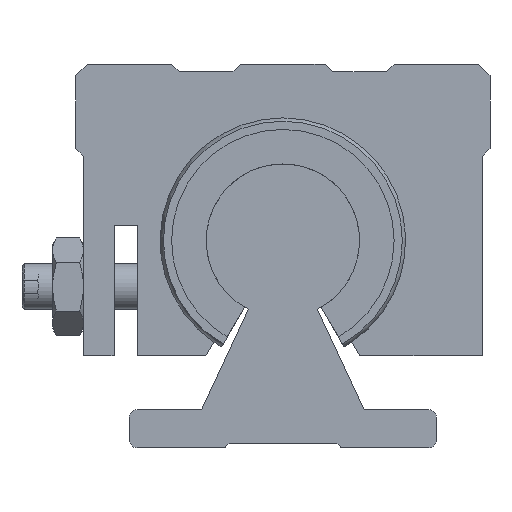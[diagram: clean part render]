
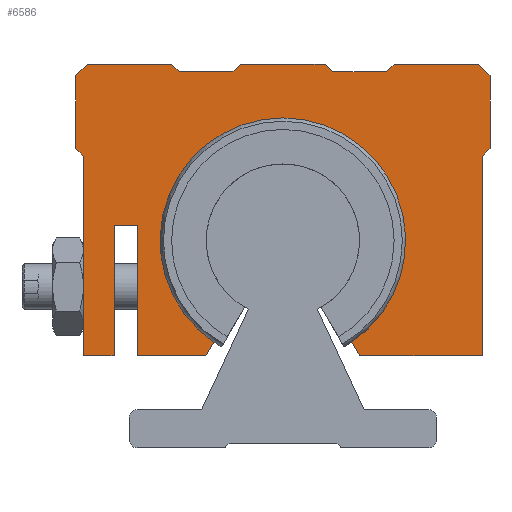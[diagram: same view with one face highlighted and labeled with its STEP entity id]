
A CAD part, left-side view. The second image highlights one B-rep face of the part: STEP entity #6586.
In plain terms, the highlighted planar face has unit normal (-1, 0, 0).
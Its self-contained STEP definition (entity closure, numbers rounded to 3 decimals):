
#5339=CARTESIAN_POINT('',(275.474,-9.0,13.771));
#5340=VERTEX_POINT('',#5339);
#5347=CARTESIAN_POINT('',(275.474,9.,13.771));
#5348=VERTEX_POINT('',#5347);
#5349=CARTESIAN_POINT('',(275.474,0.,27.0));
#5350=DIRECTION('',(-1.0,0.0,0.0));
#5351=DIRECTION('',(0.0,-1.0,0.0));
#5352=AXIS2_PLACEMENT_3D('',#5349,#5350,#5351);
#5353=CIRCLE('',#5352,16.0);
#5354=EDGE_CURVE('',#5340,#5348,#5353,.T.);
#5446=CARTESIAN_POINT('',(275.474,-5.5,50.0));
#5447=VERTEX_POINT('',#5446);
#5448=CARTESIAN_POINT('',(275.474,-6.5,49.0));
#5449=VERTEX_POINT('',#5448);
#5450=CARTESIAN_POINT('',(275.474,-5.5,50.0));
#5451=DIRECTION('',(0.0,-0.707,-0.707));
#5452=VECTOR('',#5451,1.414);
#5453=LINE('',#5450,#5452);
#5454=EDGE_CURVE('',#5447,#5449,#5453,.T.);
#5487=CARTESIAN_POINT('',(275.474,-13.5,49.0));
#5488=VERTEX_POINT('',#5487);
#5489=CARTESIAN_POINT('',(275.474,-6.5,49.0));
#5490=DIRECTION('',(0.0,-1.0,0.0));
#5491=VECTOR('',#5490,7.);
#5492=LINE('',#5489,#5491);
#5493=EDGE_CURVE('',#5449,#5488,#5492,.T.);
#5517=CARTESIAN_POINT('',(275.474,14.5,50.0));
#5518=VERTEX_POINT('',#5517);
#5519=CARTESIAN_POINT('',(275.474,13.5,49.0));
#5520=VERTEX_POINT('',#5519);
#5521=CARTESIAN_POINT('',(275.474,14.5,50.0));
#5522=DIRECTION('',(0.0,-0.707,-0.707));
#5523=VECTOR('',#5522,1.414);
#5524=LINE('',#5521,#5523);
#5525=EDGE_CURVE('',#5518,#5520,#5524,.T.);
#5558=CARTESIAN_POINT('',(275.474,6.5,49.0));
#5559=VERTEX_POINT('',#5558);
#5560=CARTESIAN_POINT('',(275.474,13.5,49.0));
#5561=DIRECTION('',(0.0,-1.0,0.0));
#5562=VECTOR('',#5561,7.);
#5563=LINE('',#5560,#5562);
#5564=EDGE_CURVE('',#5520,#5559,#5563,.T.);
#5588=CARTESIAN_POINT('',(275.474,5.5,50.0));
#5589=VERTEX_POINT('',#5588);
#5590=CARTESIAN_POINT('',(275.474,6.5,49.0));
#5591=DIRECTION('',(0.0,-0.707,0.707));
#5592=VECTOR('',#5591,1.414);
#5593=LINE('',#5590,#5592);
#5594=EDGE_CURVE('',#5559,#5589,#5593,.T.);
#5619=CARTESIAN_POINT('',(275.474,-14.5,50.0));
#5620=VERTEX_POINT('',#5619);
#5621=CARTESIAN_POINT('',(275.474,-13.5,49.0));
#5622=DIRECTION('',(0.0,-0.707,0.707));
#5623=VECTOR('',#5622,1.414);
#5624=LINE('',#5621,#5623);
#5625=EDGE_CURVE('',#5488,#5620,#5624,.T.);
#5650=CARTESIAN_POINT('',(275.474,26.,38.0));
#5651=VERTEX_POINT('',#5650);
#5652=CARTESIAN_POINT('',(275.474,27.0,39.0));
#5653=VERTEX_POINT('',#5652);
#5654=CARTESIAN_POINT('',(275.474,26.,38.0));
#5655=DIRECTION('',(0.0,0.707,0.707));
#5656=VECTOR('',#5655,1.414);
#5657=LINE('',#5654,#5656);
#5658=EDGE_CURVE('',#5651,#5653,#5657,.T.);
#5690=CARTESIAN_POINT('',(275.474,-27.0,39.0));
#5691=VERTEX_POINT('',#5690);
#5692=CARTESIAN_POINT('',(275.474,-26.,38.0));
#5693=VERTEX_POINT('',#5692);
#5694=CARTESIAN_POINT('',(275.474,-27.0,39.0));
#5695=DIRECTION('',(0.0,0.707,-0.707));
#5696=VECTOR('',#5695,1.414);
#5697=LINE('',#5694,#5696);
#5698=EDGE_CURVE('',#5691,#5693,#5697,.T.);
#5731=CARTESIAN_POINT('',(275.474,-26.,12.));
#5732=VERTEX_POINT('',#5731);
#5733=CARTESIAN_POINT('',(275.474,-26.,38.0));
#5734=DIRECTION('',(0.0,0.0,-1.0));
#5735=VECTOR('',#5734,26.);
#5736=LINE('',#5733,#5735);
#5737=EDGE_CURVE('',#5693,#5732,#5736,.T.);
#5771=CARTESIAN_POINT('',(275.474,27.0,48.5));
#5772=VERTEX_POINT('',#5771);
#5779=CARTESIAN_POINT('',(275.474,25.5,50.0));
#5780=VERTEX_POINT('',#5779);
#5781=CARTESIAN_POINT('',(275.474,27.0,48.5));
#5782=DIRECTION('',(0.0,-0.707,0.707));
#5783=VECTOR('',#5782,2.121);
#5784=LINE('',#5781,#5783);
#5785=EDGE_CURVE('',#5772,#5780,#5784,.T.);
#5809=CARTESIAN_POINT('',(275.474,27.0,39.0));
#5810=DIRECTION('',(0.0,0.0,1.0));
#5811=VECTOR('',#5810,9.5);
#5812=LINE('',#5809,#5811);
#5813=EDGE_CURVE('',#5653,#5772,#5812,.T.);
#5946=CARTESIAN_POINT('',(275.474,-25.5,50.0));
#5947=VERTEX_POINT('',#5946);
#5954=CARTESIAN_POINT('',(275.474,-27.0,48.5));
#5955=VERTEX_POINT('',#5954);
#5956=CARTESIAN_POINT('',(275.474,-25.5,50.0));
#5957=DIRECTION('',(0.0,-0.707,-0.707));
#5958=VECTOR('',#5957,2.121);
#5959=LINE('',#5956,#5958);
#5960=EDGE_CURVE('',#5947,#5955,#5959,.T.);
#5979=CARTESIAN_POINT('',(275.474,-14.5,50.0));
#5980=DIRECTION('',(0.0,-1.0,0.0));
#5981=VECTOR('',#5980,11.);
#5982=LINE('',#5979,#5981);
#5983=EDGE_CURVE('',#5620,#5947,#5982,.T.);
#6317=CARTESIAN_POINT('',(275.474,26.,12.));
#6318=VERTEX_POINT('',#6317);
#6325=CARTESIAN_POINT('',(275.474,26.,12.));
#6326=DIRECTION('',(0.0,0.0,1.0));
#6327=VECTOR('',#6326,26.);
#6328=LINE('',#6325,#6327);
#6329=EDGE_CURVE('',#6318,#5651,#6328,.T.);
#6348=CARTESIAN_POINT('',(275.474,22.,12.));
#6349=VERTEX_POINT('',#6348);
#6356=CARTESIAN_POINT('',(275.474,22.,12.));
#6357=DIRECTION('',(0.0,1.0,0.0));
#6358=VECTOR('',#6357,4.0);
#6359=LINE('',#6356,#6358);
#6360=EDGE_CURVE('',#6349,#6318,#6359,.T.);
#6372=CARTESIAN_POINT('',(275.474,22.0,29.));
#6373=VERTEX_POINT('',#6372);
#6380=CARTESIAN_POINT('',(275.474,22.0,29.));
#6381=DIRECTION('',(0.0,0.0,-1.0));
#6382=VECTOR('',#6381,17.0);
#6383=LINE('',#6380,#6382);
#6384=EDGE_CURVE('',#6373,#6349,#6383,.T.);
#6399=CARTESIAN_POINT('',(275.474,19.,29.));
#6400=VERTEX_POINT('',#6399);
#6407=CARTESIAN_POINT('',(275.474,19.,29.));
#6408=DIRECTION('',(0.0,1.0,0.0));
#6409=VECTOR('',#6408,3.);
#6410=LINE('',#6407,#6409);
#6411=EDGE_CURVE('',#6400,#6373,#6410,.T.);
#6423=CARTESIAN_POINT('',(275.474,19.,12.));
#6424=VERTEX_POINT('',#6423);
#6431=CARTESIAN_POINT('',(275.474,19.,12.));
#6432=DIRECTION('',(0.0,0.0,1.0));
#6433=VECTOR('',#6432,17.0);
#6434=LINE('',#6431,#6433);
#6435=EDGE_CURVE('',#6424,#6400,#6434,.T.);
#6450=CARTESIAN_POINT('',(275.474,10.023,12.));
#6451=VERTEX_POINT('',#6450);
#6458=CARTESIAN_POINT('',(275.474,10.023,12.));
#6459=DIRECTION('',(0.0,1.0,0.0));
#6460=VECTOR('',#6459,8.977);
#6461=LINE('',#6458,#6460);
#6462=EDGE_CURVE('',#6451,#6424,#6461,.T.);
#6481=CARTESIAN_POINT('',(275.474,9.,13.771));
#6482=DIRECTION('',(0.0,0.5,-0.866));
#6483=VECTOR('',#6482,2.045);
#6484=LINE('',#6481,#6483);
#6485=EDGE_CURVE('',#5348,#6451,#6484,.T.);
#6497=CARTESIAN_POINT('',(275.474,-10.023,12.));
#6498=VERTEX_POINT('',#6497);
#6505=CARTESIAN_POINT('',(275.474,-10.023,12.));
#6506=DIRECTION('',(0.0,0.5,0.866));
#6507=VECTOR('',#6506,2.045);
#6508=LINE('',#6505,#6507);
#6509=EDGE_CURVE('',#6498,#5340,#6508,.T.);
#6528=CARTESIAN_POINT('',(275.474,-26.,12.));
#6529=DIRECTION('',(0.0,1.0,0.0));
#6530=VECTOR('',#6529,15.977);
#6531=LINE('',#6528,#6530);
#6532=EDGE_CURVE('',#5732,#6498,#6531,.T.);
#6538=CARTESIAN_POINT('',(275.474,2.476,30.276));
#6539=DIRECTION('',(1.0,0.0,0.0));
#6540=DIRECTION('',(0.0,0.0,-1.0));
#6541=AXIS2_PLACEMENT_3D('',#6538,#6539,#6540);
#6542=PLANE('',#6541);
#6543=ORIENTED_EDGE('',*,*,#5785,.F.);
#6544=ORIENTED_EDGE('',*,*,#5813,.F.);
#6545=ORIENTED_EDGE('',*,*,#5658,.F.);
#6546=ORIENTED_EDGE('',*,*,#6329,.F.);
#6547=ORIENTED_EDGE('',*,*,#6360,.F.);
#6548=ORIENTED_EDGE('',*,*,#6384,.F.);
#6549=ORIENTED_EDGE('',*,*,#6411,.F.);
#6550=ORIENTED_EDGE('',*,*,#6435,.F.);
#6551=ORIENTED_EDGE('',*,*,#6462,.F.);
#6552=ORIENTED_EDGE('',*,*,#6485,.F.);
#6553=ORIENTED_EDGE('',*,*,#5354,.F.);
#6554=ORIENTED_EDGE('',*,*,#6509,.F.);
#6555=ORIENTED_EDGE('',*,*,#6532,.F.);
#6556=ORIENTED_EDGE('',*,*,#5737,.F.);
#6557=ORIENTED_EDGE('',*,*,#5698,.F.);
#6558=CARTESIAN_POINT('',(275.474,-27.0,48.5));
#6559=DIRECTION('',(0.0,0.0,-1.0));
#6560=VECTOR('',#6559,9.5);
#6561=LINE('',#6558,#6560);
#6562=EDGE_CURVE('',#5955,#5691,#6561,.T.);
#6563=ORIENTED_EDGE('',*,*,#6562,.F.);
#6564=ORIENTED_EDGE('',*,*,#5960,.F.);
#6565=ORIENTED_EDGE('',*,*,#5983,.F.);
#6566=ORIENTED_EDGE('',*,*,#5625,.F.);
#6567=ORIENTED_EDGE('',*,*,#5493,.F.);
#6568=ORIENTED_EDGE('',*,*,#5454,.F.);
#6569=CARTESIAN_POINT('',(275.474,5.5,50.0));
#6570=DIRECTION('',(0.0,-1.0,0.0));
#6571=VECTOR('',#6570,11.0);
#6572=LINE('',#6569,#6571);
#6573=EDGE_CURVE('',#5589,#5447,#6572,.T.);
#6574=ORIENTED_EDGE('',*,*,#6573,.F.);
#6575=ORIENTED_EDGE('',*,*,#5594,.F.);
#6576=ORIENTED_EDGE('',*,*,#5564,.F.);
#6577=ORIENTED_EDGE('',*,*,#5525,.F.);
#6578=CARTESIAN_POINT('',(275.474,25.5,50.0));
#6579=DIRECTION('',(0.0,-1.0,0.0));
#6580=VECTOR('',#6579,11.0);
#6581=LINE('',#6578,#6580);
#6582=EDGE_CURVE('',#5780,#5518,#6581,.T.);
#6583=ORIENTED_EDGE('',*,*,#6582,.F.);
#6584=EDGE_LOOP('',(#6543,#6544,#6545,#6546,#6547,#6548,#6549,#6550,#6551,#6552,#6553,#6554,#6555,#6556,#6557,#6563,#6564,#6565,#6566,#6567,#6568,#6574,#6575,#6576,#6577,#6583));
#6585=FACE_OUTER_BOUND('',#6584,.T.);
#6586=ADVANCED_FACE('',(#6585),#6542,.F.);
################
HOW TO COMPLETE THIS TASK:
Please copy, exactly and with nothing else, the lines above beginning at the line that has "#5653=VERTEX_POINT('',#5652);" and ending with the line that has "#5813=EDGE_CURVE('',#5653,#5772,#5812,.T.);".

COMPLETED TASK:
#5653=VERTEX_POINT('',#5652);
#5654=CARTESIAN_POINT('',(275.474,26.,38.0));
#5655=DIRECTION('',(0.0,0.707,0.707));
#5656=VECTOR('',#5655,1.414);
#5657=LINE('',#5654,#5656);
#5658=EDGE_CURVE('',#5651,#5653,#5657,.T.);
#5690=CARTESIAN_POINT('',(275.474,-27.0,39.0));
#5691=VERTEX_POINT('',#5690);
#5692=CARTESIAN_POINT('',(275.474,-26.,38.0));
#5693=VERTEX_POINT('',#5692);
#5694=CARTESIAN_POINT('',(275.474,-27.0,39.0));
#5695=DIRECTION('',(0.0,0.707,-0.707));
#5696=VECTOR('',#5695,1.414);
#5697=LINE('',#5694,#5696);
#5698=EDGE_CURVE('',#5691,#5693,#5697,.T.);
#5731=CARTESIAN_POINT('',(275.474,-26.,12.));
#5732=VERTEX_POINT('',#5731);
#5733=CARTESIAN_POINT('',(275.474,-26.,38.0));
#5734=DIRECTION('',(0.0,0.0,-1.0));
#5735=VECTOR('',#5734,26.);
#5736=LINE('',#5733,#5735);
#5737=EDGE_CURVE('',#5693,#5732,#5736,.T.);
#5771=CARTESIAN_POINT('',(275.474,27.0,48.5));
#5772=VERTEX_POINT('',#5771);
#5779=CARTESIAN_POINT('',(275.474,25.5,50.0));
#5780=VERTEX_POINT('',#5779);
#5781=CARTESIAN_POINT('',(275.474,27.0,48.5));
#5782=DIRECTION('',(0.0,-0.707,0.707));
#5783=VECTOR('',#5782,2.121);
#5784=LINE('',#5781,#5783);
#5785=EDGE_CURVE('',#5772,#5780,#5784,.T.);
#5809=CARTESIAN_POINT('',(275.474,27.0,39.0));
#5810=DIRECTION('',(0.0,0.0,1.0));
#5811=VECTOR('',#5810,9.5);
#5812=LINE('',#5809,#5811);
#5813=EDGE_CURVE('',#5653,#5772,#5812,.T.);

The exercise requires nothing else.